As a first pilot product, the Future for Children Bond has nevertheless been hugely valuable in assessing the retail market for social investment and generating learning about the steps needed to enable it to grow. These lessons will be used to inform the development of future Allia products and will be shared with the sector, together with policy recommendations, in a report by NPC to be published in May.

So here’s to seeing a whole lot more mistakes logs and lessons learned appearing in the public domain – great PR and enhanced social impact – what is there not to like?

How can people with more information be both more confident and more wrong?

I become truly frustrated when faced with someone who insists they are an expert in something they know absolutely nothing about. As a believer in evidence, my first instinct is to provide them with more information, but perhaps this isn’t always a good idea.

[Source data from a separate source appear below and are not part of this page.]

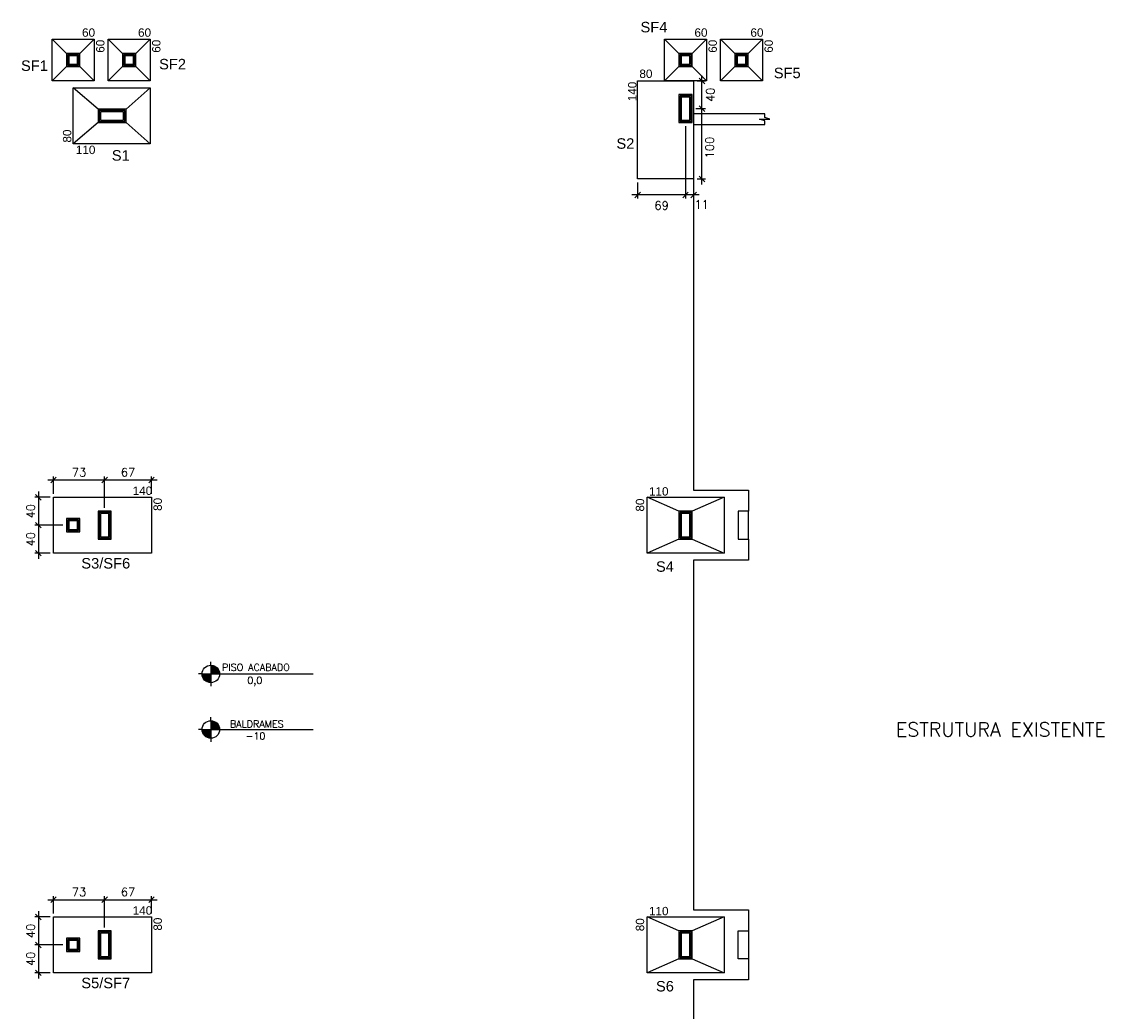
# Model space of a CAD drawing. Extents: x -5222 to 5932, y -4810 to 970.
# Tile 6 of 7: x -102 to 1448, y -603 to 812. Entities that reach past the tile are written whole.
import ezdxf

# ---------------------------------------------------------------- set-up
doc = ezdxf.new("R2010")
doc.units = 0
doc.header["$MEASUREMENT"] = 0
doc.layers.get('0').update_dxf_attribs({"linetype": 'CONTINUOUS'})
doc.layers.get('Defpoints').update_dxf_attribs({"linetype": 'CONTINUOUS'})
doc.layers.add('1', color=7, linetype='CONTINUOUS')
doc.layers.add('5', color=3, linetype='CONTINUOUS')
doc.styles.get("Standard").update_dxf_attribs({"font": 'ROMANS.SHX'})
doc.dimstyles.get("Standard").update_dxf_attribs({"dimtxt": 0.18, "dimasz": 0.18, "dimexe": 0.18, "dimexo": 0.0625, "dimgap": 0.09, "dimtad": 0, "dimtih": 1, "dimtoh": 1, "dimdec": 4, "dimzin": 0, "dimdsep": 46, "dimtxsty": 'Standard', "dimcen": 0.09, "dimadec": 0, "dimazin": 0, "dimtfac": 1, "dimtdec": 4, "dimtofl": 0, "dimtmove": 0, "dimatfit": 3, "dimfxl": 0, "dimtolj": 1, "dimtzin": 0, "dimarcsym": 0})

# ---------------------------------------------------------------- blocks, each defined once
blk = doc.blocks.new('_Oblique')
at = {"color": 0, "linetype": 'ByBlock', "lineweight": -2}
blk.add_line((-0.5, -0.5), (0.5, 0.5), dxfattribs=at)
blk = doc.blocks.new('*D0')
at = {"color": 0, "linetype": 'Continuous', "lineweight": -3}
blk.add_line((870.3, 679.3), (870.3, 734.9), dxfattribs=at)
at = {"color": 0, "linetype": 'Continuous', "lineweight": -2}
for p, q in [((863.4, 726.9), (875.3, 726.9)), ((861.4, 687.3), (875.3, 687.3))]:
    blk.add_line(p, q, dxfattribs=at)
at = {"layer": 'Defpoints', "color": 0, "linetype": 'Continuous'}
for p in [(858.4, 726.9), (870.3, 726.9), (856.4, 687.3)]:
    blk.add_point(p, dxfattribs=at)
at = {"color": 0, "linetype": 'Continuous', "lineweight": -3, "xscale": 8, "yscale": 8, "zscale": 8}
for p, rotation in [((870.3, 726.9), 90), ((870.3, 687.3), 270)]:
    blk.add_blockref('_Oblique', p, dxfattribs=dict(at, rotation=rotation))
at = {"color": 0, "linetype": 'Continuous', "insert": (882.5, 707.1), "char_height": 12, "attachment_point": 5, "rotation": 90}
blk.add_mtext('\\A1;40', dxfattribs=at)
blk = doc.blocks.new('*D1')
at = {"color": 0, "linetype": 'Continuous', "lineweight": -2}
for p, q in [((861.4, 687.3), (875.3, 687.3)), ((863.4, 586.9), (875.3, 586.9))]:
    blk.add_line(p, q, dxfattribs=at)
at = {"color": 0, "linetype": 'Continuous', "lineweight": -3}
blk.add_line((870.3, 578.9), (870.3, 695.3), dxfattribs=at)
at = {"layer": 'Defpoints', "color": 0, "linetype": 'Continuous'}
for p in [(856.4, 687.3), (870.3, 687.3), (858.4, 586.9)]:
    blk.add_point(p, dxfattribs=at)
at = {"color": 0, "linetype": 'Continuous', "lineweight": -3, "xscale": 8, "yscale": 8, "zscale": 8}
for p, rotation in [((870.3, 687.3), 90), ((870.3, 586.9), 270)]:
    blk.add_blockref('_Oblique', p, dxfattribs=dict(at, rotation=rotation))
at = {"color": 0, "linetype": 'Continuous', "insert": (881.3, 631.7), "char_height": 12, "attachment_point": 5, "rotation": 90}
blk.add_mtext('\\A1;100', dxfattribs=at)
blk = doc.blocks.new('*D2')
at = {"color": 0, "linetype": 'Continuous', "lineweight": -2}
for p, q in [((846.9, 662.3), (846.9, 558.9)), ((858.4, 581.9), (858.4, 558.9))]:
    blk.add_line(p, q, dxfattribs=at)
at = {"color": 0, "linetype": 'Continuous', "lineweight": -3}
blk.add_line((866.4, 563.9), (838.9, 563.9), dxfattribs=at)
at = {"layer": 'Defpoints', "color": 0, "linetype": 'Continuous'}
for p in [(846.9, 667.3), (858.4, 586.9), (846.9, 563.9)]:
    blk.add_point(p, dxfattribs=at)
at = {"color": 0, "linetype": 'Continuous', "lineweight": -3, "xscale": 8, "yscale": 8, "zscale": 8, "rotation": 180}
blk.add_blockref('_Oblique', (846.9, 563.9), dxfattribs=at)
at = {"color": 0, "linetype": 'Continuous', "lineweight": -3, "xscale": 8, "yscale": 8, "zscale": 8}
blk.add_blockref('_Oblique', (858.4, 563.9), dxfattribs=at)
at = {"color": 0, "linetype": 'Continuous', "insert": (870, 550.3), "char_height": 12, "attachment_point": 5}
blk.add_mtext('\\A1;11', dxfattribs=at)
blk = doc.blocks.new('*D3')
at = {"color": 0, "linetype": 'Continuous', "lineweight": -2}
for p, q in [((846.9, 662.3), (846.9, 558.9)), ((778.4, 581.9), (778.4, 558.9))]:
    blk.add_line(p, q, dxfattribs=at)
at = {"color": 0, "linetype": 'Continuous', "lineweight": -3}
blk.add_line((854.9, 563.9), (770.4, 563.9), dxfattribs=at)
at = {"layer": 'Defpoints', "color": 0, "linetype": 'Continuous'}
for p in [(846.9, 667.3), (778.4, 586.9), (778.4, 563.9)]:
    blk.add_point(p, dxfattribs=at)
at = {"color": 0, "linetype": 'Continuous', "lineweight": -3, "xscale": 8, "yscale": 8, "zscale": 8, "rotation": 180}
blk.add_blockref('_Oblique', (778.4, 563.9), dxfattribs=at)
at = {"color": 0, "linetype": 'Continuous', "lineweight": -3, "xscale": 8, "yscale": 8, "zscale": 8}
blk.add_blockref('_Oblique', (846.9, 563.9), dxfattribs=at)
at = {"color": 0, "linetype": 'Continuous', "insert": (812.7, 548.8), "char_height": 12, "attachment_point": 5}
blk.add_mtext('\\A1;69', dxfattribs=at)
blk = doc.blocks.new('*D8')
at = {"color": 0, "linetype": 'Continuous', "lineweight": -3}
blk.add_line((-64.1, 156.5), (24.9, 156.5), dxfattribs=at)
at = {"color": 0, "linetype": 'Continuous', "lineweight": -2}
for p, q in [((-56.1, 136.8), (-56.1, 161.5)), ((16.9, 116.8), (16.9, 161.5))]:
    blk.add_line(p, q, dxfattribs=at)
at = {"layer": 'Defpoints', "color": 0, "linetype": 'Continuous'}
for p in [(16.9, 156.5), (-56.1, 131.8), (16.9, 111.8)]:
    blk.add_point(p, dxfattribs=at)
at = {"color": 0, "linetype": 'Continuous', "lineweight": -3, "xscale": 8, "yscale": 8, "zscale": 8, "rotation": 180}
blk.add_blockref('_Oblique', (-56.1, 156.5), dxfattribs=at)
at = {"color": 0, "linetype": 'Continuous', "lineweight": -3, "xscale": 8, "yscale": 8, "zscale": 8}
blk.add_blockref('_Oblique', (16.9, 156.5), dxfattribs=at)
at = {"color": 0, "linetype": 'Continuous', "insert": (-19.6, 167.5), "char_height": 12, "attachment_point": 5}
blk.add_mtext('\\A1;73', dxfattribs=at)
blk = doc.blocks.new('*D9')
at = {"color": 0, "linetype": 'Continuous', "lineweight": -3}
blk.add_line((8.9, 156.5), (91.9, 156.5), dxfattribs=at)
at = {"color": 0, "linetype": 'Continuous', "lineweight": -2}
for p, q in [((16.9, 116.9), (16.9, 161.5)), ((83.9, 136.8), (83.9, 161.5))]:
    blk.add_line(p, q, dxfattribs=at)
at = {"layer": 'Defpoints', "color": 0, "linetype": 'Continuous'}
for p in [(83.9, 156.5), (83.9, 131.8), (16.9, 111.9)]:
    blk.add_point(p, dxfattribs=at)
at = {"color": 0, "linetype": 'Continuous', "lineweight": -3, "xscale": 8, "yscale": 8, "zscale": 8, "rotation": 180}
blk.add_blockref('_Oblique', (16.9, 156.5), dxfattribs=at)
at = {"color": 0, "linetype": 'Continuous', "lineweight": -3, "xscale": 8, "yscale": 8, "zscale": 8}
blk.add_blockref('_Oblique', (83.9, 156.5), dxfattribs=at)
at = {"color": 0, "linetype": 'Continuous', "insert": (50.4, 167.5), "char_height": 12, "attachment_point": 5}
blk.add_mtext('\\A1;67', dxfattribs=at)
blk = doc.blocks.new('*D43')
at = {"color": 0, "linetype": 'Continuous', "lineweight": -3}
blk.add_line((-64.1, -443.6), (24.9, -443.6), dxfattribs=at)
at = {"color": 0, "linetype": 'Continuous', "lineweight": -2}
for p, q in [((-56.1, -463.2), (-56.1, -438.6)), ((16.9, -483.2), (16.9, -438.6))]:
    blk.add_line(p, q, dxfattribs=at)
at = {"layer": 'Defpoints', "color": 0, "linetype": 'Continuous'}
for p in [(16.9, -443.6), (-56.1, -468.2), (16.9, -488.2)]:
    blk.add_point(p, dxfattribs=at)
at = {"color": 0, "linetype": 'Continuous', "lineweight": -3, "xscale": 8, "yscale": 8, "zscale": 8, "rotation": 180}
blk.add_blockref('_Oblique', (-56.1, -443.6), dxfattribs=at)
at = {"color": 0, "linetype": 'Continuous', "lineweight": -3, "xscale": 8, "yscale": 8, "zscale": 8}
blk.add_blockref('_Oblique', (16.9, -443.6), dxfattribs=at)
at = {"color": 0, "linetype": 'Continuous', "insert": (-19.6, -432.6), "char_height": 12, "attachment_point": 5}
blk.add_mtext('\\A1;73', dxfattribs=at)
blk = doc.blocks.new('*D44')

The overconfidence effect is a decision-making bias where a person’s confidence about a decision is greater than their accuracy when making it. A great article by Hall, Ariss and Todorov (2007) The illusion of knowledge: When more information reduces accuracy and increases confidence asked participants to predict and bet on basketball games and found that increasing information didn’t cause the expected effects. Their findings have implications for settings such as political campaigns, where the decision to provide voters with an abundance of accurate information countering the false claims may not have the desired effect. Nyhan and Reifler’s paper When Corrections Fail: The Persistence of Political Misperceptions describes this ‘backfire effect’ in which corrections to mock news articles reinforced belief in the original, incorrect version.

So sometimes holding back on the evidence lesson is a good idea with an ignorant audience. And perhaps if I’m so sure I’m right, I might have it so wrong I should be keeping my mouth shut anyway!